In short, if the period of 16 is cumulatively shorter than the period of 18, switch 22 is turned on and the resistance across the solenoid coil becomes smaller. This increases power heat consumption and slows down. In the opposite case, the switch 22 is turned off, reducing power consumption and reducing the degree of deceleration. Mainspring torque width, 24.
A stable cycle can be obtained by appropriately setting the resistance value of 23 and the constant of the generator using the solenoid coil. These constants can be set arbitrarily in terms of design.

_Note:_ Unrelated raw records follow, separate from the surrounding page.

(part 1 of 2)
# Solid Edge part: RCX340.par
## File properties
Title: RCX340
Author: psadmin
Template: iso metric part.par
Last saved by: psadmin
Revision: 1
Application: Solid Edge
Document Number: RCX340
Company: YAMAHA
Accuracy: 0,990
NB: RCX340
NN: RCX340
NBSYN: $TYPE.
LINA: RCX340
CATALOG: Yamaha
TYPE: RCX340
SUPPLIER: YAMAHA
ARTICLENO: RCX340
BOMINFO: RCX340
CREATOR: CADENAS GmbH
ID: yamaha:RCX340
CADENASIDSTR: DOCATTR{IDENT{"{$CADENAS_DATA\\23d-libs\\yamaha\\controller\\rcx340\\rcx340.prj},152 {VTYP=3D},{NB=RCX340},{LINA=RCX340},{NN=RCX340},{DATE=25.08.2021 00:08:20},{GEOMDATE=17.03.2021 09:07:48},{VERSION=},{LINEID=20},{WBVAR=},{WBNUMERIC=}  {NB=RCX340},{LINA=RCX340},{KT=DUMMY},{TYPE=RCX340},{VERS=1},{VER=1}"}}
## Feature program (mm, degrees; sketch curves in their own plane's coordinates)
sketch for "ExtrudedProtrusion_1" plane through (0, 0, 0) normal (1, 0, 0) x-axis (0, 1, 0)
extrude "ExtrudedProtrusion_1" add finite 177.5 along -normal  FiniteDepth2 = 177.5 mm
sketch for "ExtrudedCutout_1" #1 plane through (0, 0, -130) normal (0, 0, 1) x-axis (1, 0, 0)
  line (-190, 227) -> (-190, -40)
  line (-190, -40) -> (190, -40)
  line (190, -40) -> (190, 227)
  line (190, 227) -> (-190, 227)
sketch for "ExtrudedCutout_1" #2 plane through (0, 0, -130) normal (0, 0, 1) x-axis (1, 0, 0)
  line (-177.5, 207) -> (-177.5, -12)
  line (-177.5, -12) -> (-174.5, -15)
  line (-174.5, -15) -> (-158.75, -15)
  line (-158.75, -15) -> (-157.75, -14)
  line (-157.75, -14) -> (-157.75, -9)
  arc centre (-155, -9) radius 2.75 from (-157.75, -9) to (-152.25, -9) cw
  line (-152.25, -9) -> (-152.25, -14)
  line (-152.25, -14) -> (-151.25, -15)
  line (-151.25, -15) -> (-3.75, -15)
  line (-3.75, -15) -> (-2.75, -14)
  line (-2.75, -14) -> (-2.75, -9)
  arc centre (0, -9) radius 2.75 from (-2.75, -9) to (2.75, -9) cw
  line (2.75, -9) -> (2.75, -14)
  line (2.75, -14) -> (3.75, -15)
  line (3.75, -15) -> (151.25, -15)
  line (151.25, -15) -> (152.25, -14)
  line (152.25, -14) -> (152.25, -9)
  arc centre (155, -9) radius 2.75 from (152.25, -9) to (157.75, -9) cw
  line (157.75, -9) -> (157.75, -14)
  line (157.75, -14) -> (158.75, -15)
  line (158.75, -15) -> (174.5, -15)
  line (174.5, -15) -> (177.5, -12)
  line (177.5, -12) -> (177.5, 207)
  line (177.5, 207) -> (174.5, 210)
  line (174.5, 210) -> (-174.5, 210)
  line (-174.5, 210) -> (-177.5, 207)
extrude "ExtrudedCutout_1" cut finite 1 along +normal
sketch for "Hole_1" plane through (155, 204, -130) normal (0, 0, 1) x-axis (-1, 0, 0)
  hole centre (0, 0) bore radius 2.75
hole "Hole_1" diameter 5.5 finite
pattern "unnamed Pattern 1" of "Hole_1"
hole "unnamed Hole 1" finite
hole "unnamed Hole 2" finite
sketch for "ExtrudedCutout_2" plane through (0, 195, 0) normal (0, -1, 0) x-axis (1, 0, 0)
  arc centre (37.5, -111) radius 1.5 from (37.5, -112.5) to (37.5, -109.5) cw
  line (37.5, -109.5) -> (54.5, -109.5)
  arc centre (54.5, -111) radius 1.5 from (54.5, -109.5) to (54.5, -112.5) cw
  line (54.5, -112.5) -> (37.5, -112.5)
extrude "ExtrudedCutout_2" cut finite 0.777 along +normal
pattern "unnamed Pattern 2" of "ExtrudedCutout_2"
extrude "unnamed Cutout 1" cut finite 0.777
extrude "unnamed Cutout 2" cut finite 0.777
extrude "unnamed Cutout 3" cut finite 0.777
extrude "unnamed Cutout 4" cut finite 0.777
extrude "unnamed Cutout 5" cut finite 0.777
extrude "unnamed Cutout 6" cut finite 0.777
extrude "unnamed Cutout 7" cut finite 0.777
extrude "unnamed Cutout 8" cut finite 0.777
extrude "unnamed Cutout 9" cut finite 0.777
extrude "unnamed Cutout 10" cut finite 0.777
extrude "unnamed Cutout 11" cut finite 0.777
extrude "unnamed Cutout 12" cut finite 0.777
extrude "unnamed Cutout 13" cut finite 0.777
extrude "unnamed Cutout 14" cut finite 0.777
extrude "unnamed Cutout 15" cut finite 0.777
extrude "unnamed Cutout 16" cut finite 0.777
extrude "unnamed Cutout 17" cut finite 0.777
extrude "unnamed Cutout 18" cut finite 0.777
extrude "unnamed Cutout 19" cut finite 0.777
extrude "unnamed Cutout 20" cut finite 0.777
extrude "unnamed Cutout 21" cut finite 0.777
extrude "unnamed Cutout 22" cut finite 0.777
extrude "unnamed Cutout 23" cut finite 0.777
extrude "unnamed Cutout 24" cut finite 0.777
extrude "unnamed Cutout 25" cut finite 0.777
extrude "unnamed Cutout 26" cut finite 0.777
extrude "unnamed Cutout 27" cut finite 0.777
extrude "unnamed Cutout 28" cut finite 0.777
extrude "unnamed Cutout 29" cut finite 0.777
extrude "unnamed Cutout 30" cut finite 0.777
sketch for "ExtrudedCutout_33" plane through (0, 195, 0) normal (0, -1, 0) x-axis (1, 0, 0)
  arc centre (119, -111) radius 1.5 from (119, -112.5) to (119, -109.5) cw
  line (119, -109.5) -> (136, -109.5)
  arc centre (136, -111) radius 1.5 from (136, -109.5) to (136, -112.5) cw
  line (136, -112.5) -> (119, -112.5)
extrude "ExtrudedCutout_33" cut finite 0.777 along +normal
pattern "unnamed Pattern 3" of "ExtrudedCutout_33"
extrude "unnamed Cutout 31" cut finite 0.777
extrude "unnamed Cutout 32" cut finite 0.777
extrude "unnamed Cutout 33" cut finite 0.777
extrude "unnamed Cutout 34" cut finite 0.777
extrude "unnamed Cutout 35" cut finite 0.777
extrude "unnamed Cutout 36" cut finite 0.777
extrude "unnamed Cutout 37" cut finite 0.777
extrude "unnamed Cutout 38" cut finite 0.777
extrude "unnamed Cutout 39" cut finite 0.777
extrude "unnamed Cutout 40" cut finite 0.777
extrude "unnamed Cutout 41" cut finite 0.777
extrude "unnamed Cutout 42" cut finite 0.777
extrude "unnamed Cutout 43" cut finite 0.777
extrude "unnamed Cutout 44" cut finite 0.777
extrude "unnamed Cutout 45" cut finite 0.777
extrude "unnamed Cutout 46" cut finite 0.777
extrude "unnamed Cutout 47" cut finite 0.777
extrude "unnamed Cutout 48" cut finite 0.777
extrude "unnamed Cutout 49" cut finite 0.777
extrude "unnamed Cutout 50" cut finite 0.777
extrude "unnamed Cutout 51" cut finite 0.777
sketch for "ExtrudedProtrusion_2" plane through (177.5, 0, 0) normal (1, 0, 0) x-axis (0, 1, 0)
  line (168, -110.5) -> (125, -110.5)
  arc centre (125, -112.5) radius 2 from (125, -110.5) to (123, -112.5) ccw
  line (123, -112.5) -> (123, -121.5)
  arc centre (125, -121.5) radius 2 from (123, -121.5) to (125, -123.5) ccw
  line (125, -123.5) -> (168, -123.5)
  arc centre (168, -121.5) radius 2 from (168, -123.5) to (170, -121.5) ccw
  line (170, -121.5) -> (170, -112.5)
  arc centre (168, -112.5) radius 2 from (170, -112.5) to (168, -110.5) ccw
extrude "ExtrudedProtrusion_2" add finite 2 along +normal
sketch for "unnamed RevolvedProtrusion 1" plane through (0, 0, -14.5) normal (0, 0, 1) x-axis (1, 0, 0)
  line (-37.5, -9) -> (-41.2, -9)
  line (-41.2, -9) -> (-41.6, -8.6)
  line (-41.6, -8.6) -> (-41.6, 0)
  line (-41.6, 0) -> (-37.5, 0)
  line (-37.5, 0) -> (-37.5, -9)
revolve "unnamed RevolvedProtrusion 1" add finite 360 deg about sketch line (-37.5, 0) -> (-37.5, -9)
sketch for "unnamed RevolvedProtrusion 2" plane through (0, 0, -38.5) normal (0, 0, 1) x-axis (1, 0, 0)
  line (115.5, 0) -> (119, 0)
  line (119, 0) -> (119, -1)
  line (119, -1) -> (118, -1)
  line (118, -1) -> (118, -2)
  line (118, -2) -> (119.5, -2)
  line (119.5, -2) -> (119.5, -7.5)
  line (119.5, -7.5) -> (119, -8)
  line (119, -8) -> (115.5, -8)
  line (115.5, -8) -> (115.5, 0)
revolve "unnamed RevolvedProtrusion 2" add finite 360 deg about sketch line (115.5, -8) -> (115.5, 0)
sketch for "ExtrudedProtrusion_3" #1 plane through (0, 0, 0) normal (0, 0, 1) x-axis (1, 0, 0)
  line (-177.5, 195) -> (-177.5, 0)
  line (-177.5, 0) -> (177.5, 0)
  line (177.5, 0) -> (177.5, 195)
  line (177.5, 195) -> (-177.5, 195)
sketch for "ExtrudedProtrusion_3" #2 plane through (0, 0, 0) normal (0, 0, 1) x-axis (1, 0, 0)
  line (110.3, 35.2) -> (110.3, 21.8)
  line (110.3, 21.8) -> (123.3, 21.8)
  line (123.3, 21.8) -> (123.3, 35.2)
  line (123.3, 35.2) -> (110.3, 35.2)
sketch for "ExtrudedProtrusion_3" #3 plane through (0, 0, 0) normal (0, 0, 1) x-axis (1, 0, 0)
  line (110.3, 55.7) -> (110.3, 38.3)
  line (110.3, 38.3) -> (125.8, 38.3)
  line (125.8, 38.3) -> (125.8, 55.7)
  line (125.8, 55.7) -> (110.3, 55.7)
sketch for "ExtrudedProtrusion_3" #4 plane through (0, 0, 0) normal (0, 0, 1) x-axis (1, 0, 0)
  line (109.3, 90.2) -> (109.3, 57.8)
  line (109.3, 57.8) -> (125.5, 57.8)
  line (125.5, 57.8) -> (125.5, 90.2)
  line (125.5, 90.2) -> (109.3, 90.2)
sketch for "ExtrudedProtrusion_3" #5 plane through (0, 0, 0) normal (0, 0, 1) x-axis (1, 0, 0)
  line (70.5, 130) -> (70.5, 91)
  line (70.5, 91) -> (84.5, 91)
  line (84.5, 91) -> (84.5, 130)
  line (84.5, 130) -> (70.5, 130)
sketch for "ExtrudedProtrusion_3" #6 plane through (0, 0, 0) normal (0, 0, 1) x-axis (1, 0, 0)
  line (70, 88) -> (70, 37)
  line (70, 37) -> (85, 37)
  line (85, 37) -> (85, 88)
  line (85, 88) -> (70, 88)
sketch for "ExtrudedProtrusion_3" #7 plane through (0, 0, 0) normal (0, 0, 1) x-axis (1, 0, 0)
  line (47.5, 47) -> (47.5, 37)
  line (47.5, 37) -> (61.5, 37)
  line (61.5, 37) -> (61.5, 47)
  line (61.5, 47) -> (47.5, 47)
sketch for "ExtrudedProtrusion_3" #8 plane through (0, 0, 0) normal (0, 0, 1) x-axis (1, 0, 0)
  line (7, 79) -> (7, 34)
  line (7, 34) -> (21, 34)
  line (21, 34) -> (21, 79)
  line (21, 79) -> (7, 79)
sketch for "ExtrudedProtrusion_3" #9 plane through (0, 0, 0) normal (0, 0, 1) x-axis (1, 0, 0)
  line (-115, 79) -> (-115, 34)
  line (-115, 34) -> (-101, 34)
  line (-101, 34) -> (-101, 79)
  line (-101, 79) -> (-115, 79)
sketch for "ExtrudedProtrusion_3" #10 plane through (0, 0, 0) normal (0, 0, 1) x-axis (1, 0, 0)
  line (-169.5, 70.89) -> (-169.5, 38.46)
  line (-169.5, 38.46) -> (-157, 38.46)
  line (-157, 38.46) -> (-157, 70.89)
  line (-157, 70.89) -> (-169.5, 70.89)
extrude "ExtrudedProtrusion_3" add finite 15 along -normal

The zero line circuit shown in FIG. 4 as an example of a comparison circuit corresponds to one of the connection columns in FIG. 321. 25 S. is the signal of the 19 frequency divider. Similarly, 26 is a signal of the frequency divider of 20. S
, ,C, ,A, ■signals correspond in FIG. 3 and FIG. 4. In FIG. 4, 27, 28, 31, and 32 are inverter circuits, and 35 is an off circuit. 29.30.33.34
Figure 5 shows the relationship between the states of S7 and C7 and the logic signal of 80 for the logic signal of aAn-1, which is an AND circuit.
Activate the circuit shown in FIG. 3 with o=O. At this time, SL1. C
n is reset and starts with all O's. When the switch shown in FIG. 3 is turned off at 0 and turned on at 1, the coil shown in FIG. 2 is activated with its internal resistance and the resistance r shown in FIG. 3 in series. However, as the rotation speed increases, the 19 counters made up of the divider row in Figure 3 become 2.
When the number becomes larger than the counter 0, the switch 22 is turned on and the power consumption by the resistor r2 24 increases, which applies the brake to the gear shown in Fig. 2 12 and regulates the speed.
It is designed to maintain a speed regulating state by appropriately determining each design constant.

[Effects of the Invention] The present invention can be applied to high-precision watches and clocks using a spring or the like as a power source. Also, tape recorders, disk drives, Fi-type moving vehicles, and shavers that require constant speed rotation.
It can be applied to etc.

In the example shown in FIG. 2, by driving 14 circuits with 13 power outputs, a pollution-free power source and a portable power source without chemical batteries can be obtained. Alternatively, solar power can be used to create a device that does not have chemical batteries. Moreover, the power source can be used in a wide range of applications, such as a spring, water power, dead weight, or atmospheric pressure change, and a fixed period rotation power source that is clean, portable, and highly mobile can be obtained. This is a mechanism that will become increasingly important as we move into an era where environmental conservation becomes important.

[Brief explanation of drawings]

FIG. 1 is a diagram showing a conventional speed governor for a timepiece. FIG. 2 is a block diagram of a configuration example of the present invention. FIG. 3 is a block diagram of a control circuit according to an example of the present invention. FIG. 4 is a logic comparison circuit diagram of a control circuit according to an example of the present invention. FIG. 5 is a diagram showing logical signal states in FIGS. 5 and 4; FIG. Below Up

Claims (1)

[Claims] (1) It has a rotary power generator, a generator using this power, and a periodic standard signal output device, and switches the resistive load connected to the generator output using a logic circuit that compares the periodic signal of the generator and the periodic standard signal. 1. A rotational power regulating device comprising a circuit that regulates the cumulative period of rotational power to a period set by a standard signal.